PROBLEM —
When copying the listing below, skip every picture and repeat exactly the lines from the first one through the line that contains "constraints: 12 end point, 2".

[SUPPLIED DATA — start]

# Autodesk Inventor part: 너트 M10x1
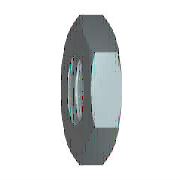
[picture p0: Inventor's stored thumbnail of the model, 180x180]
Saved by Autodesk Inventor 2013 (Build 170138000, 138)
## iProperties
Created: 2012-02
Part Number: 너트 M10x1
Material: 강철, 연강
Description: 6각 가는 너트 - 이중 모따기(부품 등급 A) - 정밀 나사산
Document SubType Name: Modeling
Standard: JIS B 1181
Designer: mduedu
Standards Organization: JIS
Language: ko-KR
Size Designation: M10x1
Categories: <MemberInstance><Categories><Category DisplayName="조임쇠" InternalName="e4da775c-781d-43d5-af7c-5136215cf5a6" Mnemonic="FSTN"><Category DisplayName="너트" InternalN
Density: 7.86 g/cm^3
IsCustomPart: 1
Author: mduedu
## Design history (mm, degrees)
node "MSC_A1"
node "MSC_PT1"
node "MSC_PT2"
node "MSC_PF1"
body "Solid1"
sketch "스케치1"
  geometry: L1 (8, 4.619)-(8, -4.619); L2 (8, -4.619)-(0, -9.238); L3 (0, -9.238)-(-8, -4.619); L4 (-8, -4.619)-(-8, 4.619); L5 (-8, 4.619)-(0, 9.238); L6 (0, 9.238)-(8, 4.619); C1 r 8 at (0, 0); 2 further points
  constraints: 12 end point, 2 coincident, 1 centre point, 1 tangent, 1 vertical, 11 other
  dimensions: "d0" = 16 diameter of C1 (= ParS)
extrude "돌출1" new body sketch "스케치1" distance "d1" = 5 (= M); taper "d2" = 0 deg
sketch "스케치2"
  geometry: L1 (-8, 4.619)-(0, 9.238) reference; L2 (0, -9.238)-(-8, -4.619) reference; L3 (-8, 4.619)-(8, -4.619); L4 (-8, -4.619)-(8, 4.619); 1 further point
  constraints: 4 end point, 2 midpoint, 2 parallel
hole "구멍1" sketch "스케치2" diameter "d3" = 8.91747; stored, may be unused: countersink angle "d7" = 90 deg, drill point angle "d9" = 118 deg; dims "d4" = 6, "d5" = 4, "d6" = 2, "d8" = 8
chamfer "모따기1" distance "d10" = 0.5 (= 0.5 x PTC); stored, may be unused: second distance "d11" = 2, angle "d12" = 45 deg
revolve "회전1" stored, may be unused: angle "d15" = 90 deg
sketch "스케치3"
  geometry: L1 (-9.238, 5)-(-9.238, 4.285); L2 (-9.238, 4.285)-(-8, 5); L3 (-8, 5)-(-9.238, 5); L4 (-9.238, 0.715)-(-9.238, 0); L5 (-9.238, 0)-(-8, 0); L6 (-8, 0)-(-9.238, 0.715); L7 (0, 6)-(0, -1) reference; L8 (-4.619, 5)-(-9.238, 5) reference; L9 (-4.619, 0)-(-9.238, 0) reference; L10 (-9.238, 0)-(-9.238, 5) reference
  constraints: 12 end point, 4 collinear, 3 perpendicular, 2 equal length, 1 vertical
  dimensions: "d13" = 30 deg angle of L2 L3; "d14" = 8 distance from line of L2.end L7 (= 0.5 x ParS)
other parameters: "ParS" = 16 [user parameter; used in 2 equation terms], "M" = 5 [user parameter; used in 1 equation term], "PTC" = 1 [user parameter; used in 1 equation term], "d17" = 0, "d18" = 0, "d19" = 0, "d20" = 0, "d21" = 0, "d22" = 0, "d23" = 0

[SUPPLIED DATA — finish]

TASK SOLUTION —
# Autodesk Inventor part: 너트 M10x1
[picture p0: Inventor's stored thumbnail of the model, 180x180]
Saved by Autodesk Inventor 2013 (Build 170138000, 138)
## iProperties
Created: 2012-02
Part Number: 너트 M10x1
Material: 강철, 연강
Description: 6각 가는 너트 - 이중 모따기(부품 등급 A) - 정밀 나사산
Document SubType Name: Modeling
Standard: JIS B 1181
Designer: mduedu
Standards Organization: JIS
Language: ko-KR
Size Designation: M10x1
Categories: <MemberInstance><Categories><Category DisplayName="조임쇠" InternalName="e4da775c-781d-43d5-af7c-5136215cf5a6" Mnemonic="FSTN"><Category DisplayName="너트" InternalN
Density: 7.86 g/cm^3
IsCustomPart: 1
Author: mduedu
## Design history (mm, degrees)
node "MSC_A1"
node "MSC_PT1"
node "MSC_PT2"
node "MSC_PF1"
body "Solid1"
sketch "스케치1"
  geometry: L1 (8, 4.619)-(8, -4.619); L2 (8, -4.619)-(0, -9.238); L3 (0, -9.238)-(-8, -4.619); L4 (-8, -4.619)-(-8, 4.619); L5 (-8, 4.619)-(0, 9.238); L6 (0, 9.238)-(8, 4.619); C1 r 8 at (0, 0); 2 further points
  constraints: 12 end point, 2 coincident, 1 centre point, 1 tangent, 1 vertical, 11 other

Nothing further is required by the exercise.